This Python script creates a book recommender system with a user-friendly interface using Streamlit, a Python library for building web applications. The system allows users to select a book from a dataset and receive recommendations based on the similarity of books in the dataset.

Features

  • Data Loading: The system loads a precomputed DataFrame containing book information and a similarity matrix calculated based on the book descriptions.

  • Recommendation Algorithm: Upon selecting a book and clicking the "Recommend" button, the system calculates similarity scores between the selected book and others in the dataset. It then returns the top 5 recommended books based on these scores.

  • User Interface: The user interface is designed using Streamlit and includes a title, a dropdown menu for selecting a book, and a button to trigger the recommendation process.

How It Works

  1. Installation: Ensure you have Python installed along with the required dependencies:

    pip install streamlit pandas
  2. Run the Application: Execute the following command to run the Streamlit application:

    streamlit run app.py
  3. Select a Book: Choose a book from the dropdown menu displayed on the web interface.

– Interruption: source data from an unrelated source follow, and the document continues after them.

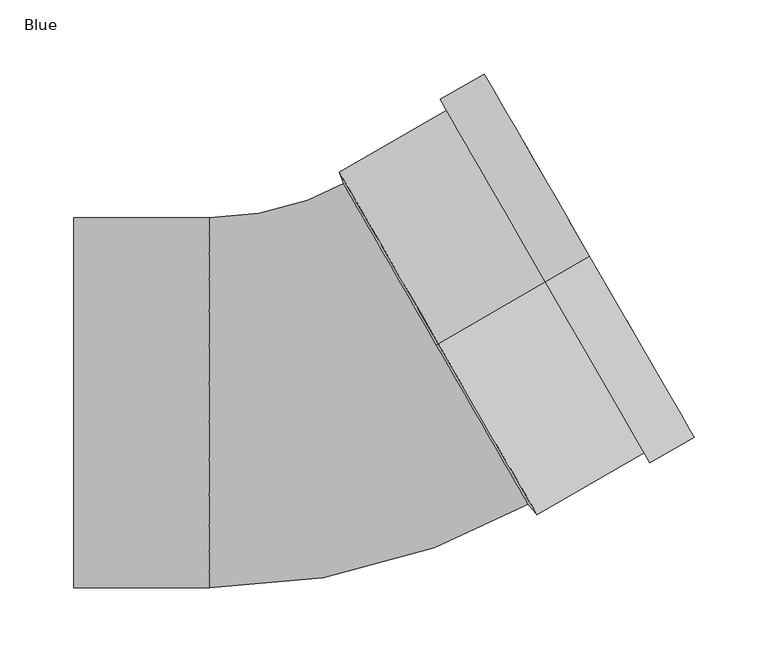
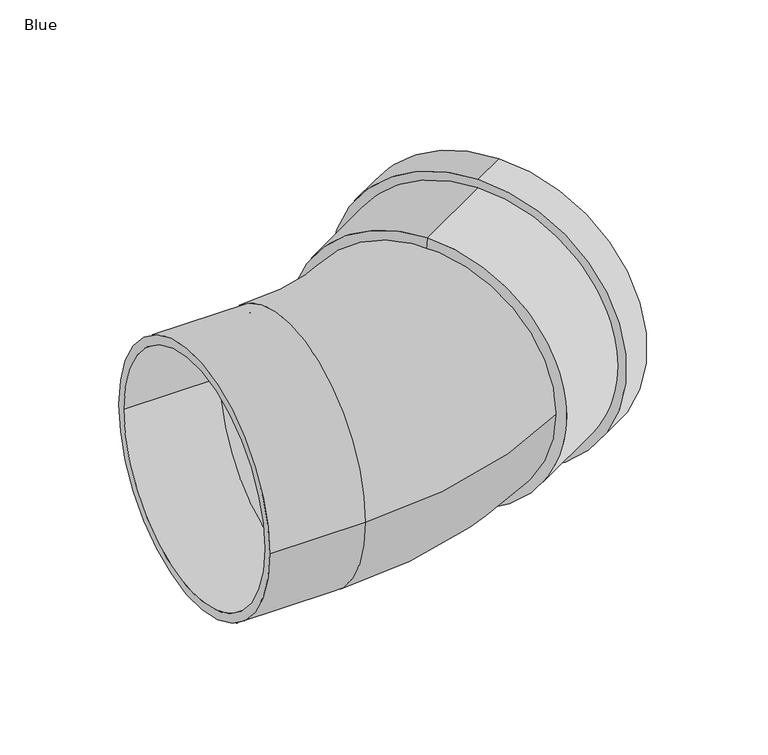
"""IFC4 building model written with IfcOpenShell, lengths in millimetres: pipe fitting geometry, AWADUKT PP SN10 Bend : Blue."""

from ifc_helpers import new_model, si_unit, point, frame, origin, place, context, project, spatial, polyline, circle_curve, ellipse_curve, trimmed, source, transform, mapped, element, save
from ifc_brep_helpers import plane_surface, cylinder_surface, revolved_surface, advanced_brep


def blue_58710f0b(model_context):
    return source(origin(), model_context, "Body", "AdvancedBrep", [
        advanced_brep(
        [(141.5951535, 81.75, 133.6), (141.5951535, 81.75, -133.6), (69.1089616, 39.9000776, -133.6), (69.1089616, 39.9000776, 133.6), (171.3864274, 98.95, 142.2), (171.3864274, 98.95, -142.2), (141.5951535, 81.75, -142.2), (141.5951535, 81.75, 142.2), (163.9386089, 94.65, 125.0), (163.9386089, 94.65, -125.0), (171.3864274, 98.95, -125.0), (171.3864274, 98.95, 125.0), (149.042972, 86.05, 133.6), (149.042972, 86.05, -133.6), (163.9386089, 94.65, -133.6), (163.9386089, 94.65, 133.6), (75.3584234, 43.508206, 125.0), (75.3584234, 43.508206, -125.0), (149.042972, 86.05, -125.0), (149.042972, 86.05, 125.0), (74.045172, 42.75, 116.4), (74.045172, 42.75, -116.4), (66.4824589, 38.3836656, 116.4), (66.4824589, 38.3836656, -116.4)],
        [
            (0, 1, circle_curve(frame((141.5951535, 81.75, 0.0), z_axis=(-0.866025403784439, -0.49999999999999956, 0.0), x_axis=(0.0, 0.0, -1.0)), 133.6)),
            (1, 2),
            (2, 3, circle_curve(frame((69.1089616, 39.9000776, 0.0), z_axis=(0.866025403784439, 0.49999999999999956, 0.0), x_axis=(0.0, 0.0, -1.0)), 133.6)),
            (3, 0),
            (4, 5, circle_curve(frame((171.3864274, 98.95, 0.0), z_axis=(-0.866025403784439, -0.49999999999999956, 0.0), x_axis=(0.0, 0.0, -1.0)), 142.2)),
            (5, 6),
            (6, 7, circle_curve(frame((141.5951535, 81.75, 0.0), z_axis=(0.866025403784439, 0.49999999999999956, 0.0), x_axis=(0.0, 0.0, -1.0)), 142.2)),
            (7, 4),
            (8, 9, circle_curve(frame((163.9386089, 94.65, 0.0), z_axis=(-0.866025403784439, -0.49999999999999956, 0.0), x_axis=(0.0, 0.0, -1.0)), 125.0)),
            (9, 10),
            (10, 11, circle_curve(frame((171.3864274, 98.95, 0.0), z_axis=(0.866025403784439, 0.49999999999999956, 0.0), x_axis=(0.0, 0.0, -1.0)), 125.0)),
            (11, 8),
            (12, 13, circle_curve(frame((149.042972, 86.05, 0.0), z_axis=(-0.866025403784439, -0.49999999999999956, 0.0), x_axis=(0.0, 0.0, -1.0)), 133.6)),
            (13, 14),
            (14, 15, circle_curve(frame((163.9386089, 94.65, 0.0), z_axis=(0.866025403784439, 0.49999999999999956, 0.0), x_axis=(0.0, 0.0, -1.0)), 133.6)),
            (15, 12),
            (16, 17, circle_curve(frame((75.3584234, 43.508206, 0.0), z_axis=(-0.866025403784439, -0.49999999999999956, 0.0), x_axis=(0.0, 0.0, -1.0)), 125.0)),
            (17, 18),
            (18, 19, circle_curve(frame((149.042972, 86.05, 0.0), z_axis=(0.866025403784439, 0.49999999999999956, 0.0), x_axis=(0.0, 0.0, -1.0)), 125.0)),
            (19, 16),
            (20, 21, circle_curve(frame((74.045172, 42.75, 0.0), z_axis=(-0.866025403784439, -0.49999999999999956, 0.0), x_axis=(0.0, 0.0, -1.0)), 116.4)),
            (21, 17),
            (16, 20),
            (22, 23, circle_curve(frame((66.4824589, 38.3836656, 0.0), z_axis=(-0.866025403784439, -0.49999999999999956, 0.0), x_axis=(0.0, 0.0, -1.0)), 116.4)),
            (23, 21),
            (20, 22),
            (2, 23),
            (22, 3),
            (1, 0, circle_curve(frame((141.5951535, 81.75, 0.0), z_axis=(-0.866025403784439, -0.49999999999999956, 0.0), x_axis=(0.0, 0.0, 1.0)), 133.6)),
            (3, 2, circle_curve(frame((69.1089616, 39.9000776, 0.0), z_axis=(0.866025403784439, 0.49999999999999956, 0.0), x_axis=(0.0, 0.0, 1.0)), 133.6)),
            (6, 7, circle_curve(frame((141.5951535, 81.75, 0.0), z_axis=(-0.866025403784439, -0.49999999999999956, 0.0), x_axis=(0.0, 0.0, 1.0)), 142.2)),
            (5, 4, circle_curve(frame((171.3864274, 98.95, 0.0), z_axis=(-0.866025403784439, -0.49999999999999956, 0.0), x_axis=(0.0, 0.0, 1.0)), 142.2)),
            (10, 11, circle_curve(frame((171.3864274, 98.95, 0.0), z_axis=(-0.866025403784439, -0.49999999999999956, 0.0), x_axis=(0.0, 0.0, 1.0)), 125.0)),
            (9, 8, circle_curve(frame((163.9386089, 94.65, 0.0), z_axis=(-0.866025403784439, -0.49999999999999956, 0.0), x_axis=(0.0, 0.0, 1.0)), 125.0)),
            (14, 15, circle_curve(frame((163.9386089, 94.65, 0.0), z_axis=(-0.866025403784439, -0.49999999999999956, 0.0), x_axis=(0.0, 0.0, 1.0)), 133.6)),
            (13, 12, circle_curve(frame((149.042972, 86.05, 0.0), z_axis=(-0.866025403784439, -0.49999999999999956, 0.0), x_axis=(0.0, 0.0, 1.0)), 133.6)),
            (18, 19, circle_curve(frame((149.042972, 86.05, 0.0), z_axis=(-0.866025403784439, -0.49999999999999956, 0.0), x_axis=(0.0, 0.0, 1.0)), 125.0)),
            (17, 16, circle_curve(frame((75.3584234, 43.508206, 0.0), z_axis=(-0.866025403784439, -0.49999999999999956, 0.0), x_axis=(0.0, 0.0, 1.0)), 125.0)),
            (21, 20, circle_curve(frame((74.045172, 42.75, 0.0), z_axis=(-0.866025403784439, -0.49999999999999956, 0.0), x_axis=(0.0, 0.0, 1.0)), 116.4)),
            (23, 22, circle_curve(frame((66.4824589, 38.3836656, 0.0), z_axis=(-0.866025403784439, -0.49999999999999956, 0.0), x_axis=(0.0, 0.0, 1.0)), 116.4)),
        ],
        [
            cylinder_surface(frame((74.045172, 42.75, 0.0), z_axis=(0.866025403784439, 0.49999999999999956, 0.0), x_axis=(0.0, 0.0, -1.0)), 133.6),
            cylinder_surface(frame((74.045172, 42.75, 0.0), z_axis=(0.866025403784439, 0.49999999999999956, 0.0), x_axis=(0.0, 0.0, -1.0)), 142.2),
            revolved_surface(polyline([(171.38642739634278, 98.95000000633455, -125.0), (163.93860890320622, 94.64999999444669, -125.0)]), (74.045172, 42.75, 0.0), (0.866025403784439, 0.49999999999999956, 0.0)),
            revolved_surface(polyline([(163.93860890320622, 94.64999999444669, -133.6), (149.04297199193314, 86.05000001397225, -133.6)]), (74.045172, 42.75, 0.0), (0.866025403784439, 0.49999999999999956, 0.0)),
            revolved_surface(polyline([(149.04297199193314, 86.05000001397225, -125.0), (75.3584233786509, 43.50820603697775, -125.0)]), (74.045172, 42.75, 0.0), (0.866025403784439, 0.49999999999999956, 0.0)),
            revolved_surface(polyline([(75.3584234, 43.508206, -125.0), (74.045172, 42.75, -116.4)]), (74.045172, 42.75, 0.0), (0.866025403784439, 0.49999999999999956, 0.0)),
            revolved_surface(polyline([(74.045172, 42.75, -116.4), (66.48245891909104, 38.383665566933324, -116.4)]), (74.045172, 42.75, 0.0), (0.866025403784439, 0.49999999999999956, 0.0)),
            revolved_surface(polyline([(66.4824589, 38.3836656, -116.4), (69.1089616, 39.9000776, -133.6)]), (74.045172, 42.75, 0.0), (0.866025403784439, 0.49999999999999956, 0.0)),
            cylinder_surface(frame((74.045172, 42.75, 0.0), z_axis=(0.866025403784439, 0.49999999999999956, 0.0), x_axis=(0.0, 0.0, 1.0)), 133.6),
            plane_surface(frame((141.5951535, 81.75, 0.0), z_axis=(-0.866025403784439, -0.49999999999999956, 0.0), x_axis=(0.0, 0.0, 1.0))),
            cylinder_surface(frame((74.045172, 42.75, 0.0), z_axis=(0.866025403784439, 0.49999999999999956, 0.0), x_axis=(0.0, 0.0, 1.0)), 142.2),
            plane_surface(frame((171.3864274, 98.95, 0.0), z_axis=(0.866025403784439, 0.49999999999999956, 0.0), x_axis=(0.0, 0.0, 1.0))),
            revolved_surface(polyline([(171.38642739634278, 98.95000000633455, 125.0), (163.93860890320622, 94.64999999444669, 125.0)]), (74.045172, 42.75, 0.0), (0.866025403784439, 0.49999999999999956, 0.0)),
            plane_surface(frame((163.9386089, 94.65, 0.0), z_axis=(-0.866025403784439, -0.49999999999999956, 0.0), x_axis=(0.0, 0.0, 1.0))),
            revolved_surface(polyline([(163.93860890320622, 94.64999999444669, 133.6), (149.04297199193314, 86.05000001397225, 133.6)]), (74.045172, 42.75, 0.0), (0.866025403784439, 0.49999999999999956, 0.0)),
            plane_surface(frame((149.042972, 86.05, 0.0), z_axis=(0.866025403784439, 0.49999999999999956, 0.0), x_axis=(0.0, 0.0, 1.0))),
            revolved_surface(polyline([(149.04297199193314, 86.05000001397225, 125.0), (75.3584233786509, 43.50820603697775, 125.0)]), (74.045172, 42.75, 0.0), (0.866025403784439, 0.49999999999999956, 0.0)),
            revolved_surface(polyline([(75.3584234, 43.508206, 125.0), (74.045172, 42.75, 116.4)]), (74.045172, 42.75, 0.0), (0.866025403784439, 0.49999999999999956, 0.0)),
            revolved_surface(polyline([(74.045172, 42.75, 116.4), (66.48245891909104, 38.383665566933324, 116.4)]), (74.045172, 42.75, 0.0), (0.866025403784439, 0.49999999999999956, 0.0)),
            revolved_surface(polyline([(66.4824589, 38.3836656, 116.4), (69.1089616, 39.9000776, 133.6)]), (74.045172, 42.75, 0.0), (0.866025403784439, 0.49999999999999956, 0.0)),
        ],
        [
            (0, [[1, 2, 3, 4]]),
            (1, [[5, 6, 7, 8]]),
            (2, [[9, 10, 11, 12]]),
            (3, [[13, 14, 15, 16]]),
            (4, [[17, 18, 19, 20]]),
            (5, [[21, 22, -17, 23]]),
            (6, [[24, 25, -21, 26]]),
            (7, [[-3, 27, -24, 28]]),
            (8, [[29, -4, 30, -2]]),
            (9, [[31, -7], [-29, -1]]),
            (10, [[32, -8, -31, -6]]),
            (11, [[-32, -5], [33, -11]]),
            (12, [[34, -12, -33, -10]]),
            (13, [[35, -15], [-34, -9]]),
            (14, [[36, -16, -35, -14]]),
            (15, [[-36, -13], [37, -19]]),
            (16, [[38, -20, -37, -18]]),
            (17, [[39, -23, -38, -22]]),
            (18, [[40, -26, -39, -25]]),
            (19, [[-30, -28, -40, -27]]),
        ],
    ),
        advanced_brep(
        [(-177.0, -125.0, 0.0), (-177.0, 125.0, 0.0), (-177.0, -116.4, 0.0), (-177.0, 116.4, 0.0), (136.545172, -65.5031755, 0.0), (11.545172, 151.0031755, 0.0), (132.245172, -58.055357, 0.0), (15.845172, 143.555357, 0.0), (-85.5, -116.4, 0.0), (-85.5, 116.4, 0.0), (-85.5, -125.0, 0.0), (-85.5, 125.0, 0.0)],
        [
            (0, 1, circle_curve(frame((-177.0, 0.0, 0.0), z_axis=(-1.0, 0.0, 0.0), x_axis=(0.0, 1.0, 0.0)), 125.0)),
            (1, 0, circle_curve(frame((-177.0, 0.0, 0.0), z_axis=(-1.0, 0.0, 0.0), x_axis=(0.0, 1.0, 0.0)), 125.0)),
            (2, 3, circle_curve(frame((-177.0, 0.0, 0.0), z_axis=(1.0, 0.0, 0.0), x_axis=(0.0, 1.0, 0.0)), 116.4)),
            (3, 2, circle_curve(frame((-177.0, 0.0, 0.0), z_axis=(1.0, 0.0, 0.0), x_axis=(0.0, 1.0, 0.0)), 116.4)),
            (4, 5, circle_curve(frame((74.045172, 42.75, 0.0), z_axis=(0.8660254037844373, 0.5000000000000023, 0.0), x_axis=(-0.5000000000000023, 0.8660254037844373, 0.0)), 125.0)),
            (5, 4, circle_curve(frame((74.045172, 42.75, 0.0), z_axis=(0.8660254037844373, 0.5000000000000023, 0.0), x_axis=(-0.5000000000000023, 0.8660254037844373, 0.0)), 125.0)),
            (6, 7, circle_curve(frame((74.045172, 42.75, 0.0), z_axis=(-0.8660254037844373, -0.5000000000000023, 0.0), x_axis=(-0.5000000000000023, 0.8660254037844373, 0.0)), 116.4)),
            (7, 6, circle_curve(frame((74.045172, 42.75, 0.0), z_axis=(-0.8660254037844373, -0.5000000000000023, 0.0), x_axis=(-0.5000000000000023, 0.8660254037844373, 0.0)), 116.4)),
            (2, 8),
            (8, 9, circle_curve(frame((-85.5, 0.0, 0.0), z_axis=(1.0, 0.0, 0.0), x_axis=(0.0, 1.0, 0.0)), 116.4)),
            (9, 3),
            (9, 8, circle_curve(frame((-85.5, 0.0, 0.0), z_axis=(1.0, 0.0, 0.0), x_axis=(0.0, 1.0, 0.0)), 116.4)),
            (0, 10),
            (10, 11, circle_curve(frame((-85.5, 0.0, 0.0), z_axis=(-1.0, 0.0, 0.0), x_axis=(0.0, 1.0, 0.0)), 125.0)),
            (11, 1),
            (11, 10, circle_curve(frame((-85.5, 0.0, 0.0), z_axis=(-1.0, 0.0, 0.0), x_axis=(0.0, 1.0, 0.0)), 125.0)),
            (7, 9, circle_curve(frame((-85.5, 319.090344, 0.0), z_axis=(0.0, 0.0, -1.0), x_axis=(0.0, -1.0, 0.0)), 202.690344)),
            (8, 6, circle_curve(frame((-85.5, 319.090344, 0.0), z_axis=(0.0, 0.0, 1.0), x_axis=(0.0, -1.0, 0.0)), 435.490344)),
            (5, 11, circle_curve(frame((-85.5, 319.090344, 0.0), z_axis=(0.0, 0.0, -1.0), x_axis=(0.0, -1.0, 0.0)), 194.090344)),
            (10, 4, circle_curve(frame((-85.5, 319.090344, 0.0), z_axis=(0.0, 0.0, 1.0), x_axis=(0.0, -1.0, 0.0)), 444.090344)),
        ],
        [
            plane_surface(frame((-177.0, 0.0, 0.0), z_axis=(-1.0, 0.0, 0.0), x_axis=(0.0, 0.0, 1.0))),
            plane_surface(frame((74.045172, 42.75, 0.0), z_axis=(0.8660254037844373, 0.5000000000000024, 0.0), x_axis=(0.0, 0.0, 1.0))),
            revolved_surface(polyline([(-85.5, 116.4, 0.0), (-177.0, 116.4, 0.0)]), (-177.0, 0.0, 0.0), (1.0, 0.0, 0.0)),
            cylinder_surface(frame((-177.0, 0.0, 0.0), z_axis=(-1.0, 0.0, 0.0), x_axis=(0.0, 1.0, 0.0)), 125.0),
            revolved_surface(trimmed(ellipse_curve(frame((-85.5, 0.0, 0.0), z_axis=(1.0, 0.0, 0.0), x_axis=(0.0, 1.0, 0.0)), 116.4, 116.4), [point((-85.5, -116.4, 0.0))], [point((-85.5, 116.4, 0.0))], True, "CARTESIAN"), (-85.5, 319.090344, 0.0), (0.0, 0.0, 1.0)),
            revolved_surface(trimmed(ellipse_curve(frame((-85.5, 0.0, 0.0), z_axis=(1.0, 0.0, 0.0), x_axis=(0.0, 1.0, 0.0)), 116.4, 116.4), [point((-85.5, 116.4, 0.0))], [point((-85.5, -116.4, 0.0))], True, "CARTESIAN"), (-85.5, 319.090344, 0.0), (0.0, 0.0, 1.0)),
            revolved_surface(trimmed(ellipse_curve(frame((-85.5, 0.0, 0.0), z_axis=(-1.0, 0.0, 0.0), x_axis=(0.0, 1.0, 0.0)), 125.0, 125.0), [point((-85.5, -125.0, 0.0))], [point((-85.5, 125.0, 0.0))], True, "CARTESIAN"), (-85.5, 319.090344, 0.0), (0.0, 0.0, 1.0)),
            revolved_surface(trimmed(ellipse_curve(frame((-85.5, 0.0, 0.0), z_axis=(-1.0, 0.0, 0.0), x_axis=(0.0, 1.0, 0.0)), 125.0, 125.0), [point((-85.5, 125.0, 0.0))], [point((-85.5, -125.0, 0.0))], True, "CARTESIAN"), (-85.5, 319.090344, 0.0), (0.0, 0.0, 1.0)),
        ],
        [
            (0, [[1, 2], [3, 4]]),
            (1, [[5, 6], [7, 8]]),
            (2, [[-3, 9, 10, 11]]),
            (2, [[-4, -11, 12, -9]]),
            (3, [[-1, 13, 14, 15]]),
            (3, [[-2, -15, 16, -13]]),
            (4, [[17, -10, 18, -8]]),
            (5, [[-18, -12, -17, -7]]),
            (6, [[19, -14, 20, -6]]),
            (7, [[-20, -16, -19, -5]]),
        ],
    ),
    ])


if __name__ == "__main__":
    model = new_model("IFC4")
    model_context = context("Model", 3, world=origin())
    ifc_project = project(units=[si_unit("LENGTHUNIT", "METRE", prefix="MILLI")], contexts=[model_context])
    site = spatial("IfcSite", under=ifc_project)
    building = spatial("IfcBuilding", under=site)
    placement = place(None, origin())
    blue_shape = blue_58710f0b(model_context)
    element("IfcPipeFitting", 1, ObjectType="AWADUKT PP SN10 Bend : Blue", at=placement, inside=building, context=model_context, shape_type="MappedRepresentation", body=[
        mapped(blue_shape, transform((0.0, 0.0, 0.0), x_axis=(1.0, 0.0, 0.0), y_axis=(0.0, 1.0, 0.0), z_axis=(0.0, 0.0, 1.0))),
    ])
    save(model, "model.ifc")

  4. Get Recommendations: Click the "Recommend" button to view the top 5 recommended books based on the selected book's similarity scores.

Dataset

The dataset used for this project contains a collection of books along with their genres and descriptions. It has been preprocessed and formatted for compatibility with the recommender system algorithm.

Usage

  • This application is intended as a demonstration of how a simple book recommender system can be implemented using Streamlit.
  • Users can explore its functionality and adapt it for their own datasets or integrate more advanced recommendation algorithms.

Note

  • The system's performance depends on the quality and size of the dataset as well as the accuracy of the similarity calculation algorithm.
  • This project serves as a starting point for building more sophisticated recommendation systems and exploring user interaction in web applications.

About

This Python script creates a book recommender system using Streamlit, enabling users to select a book from a dataset and receive recommendations based on book similarity. The system's intuitive interface allows for seamless interaction and exploration of recommended reading options.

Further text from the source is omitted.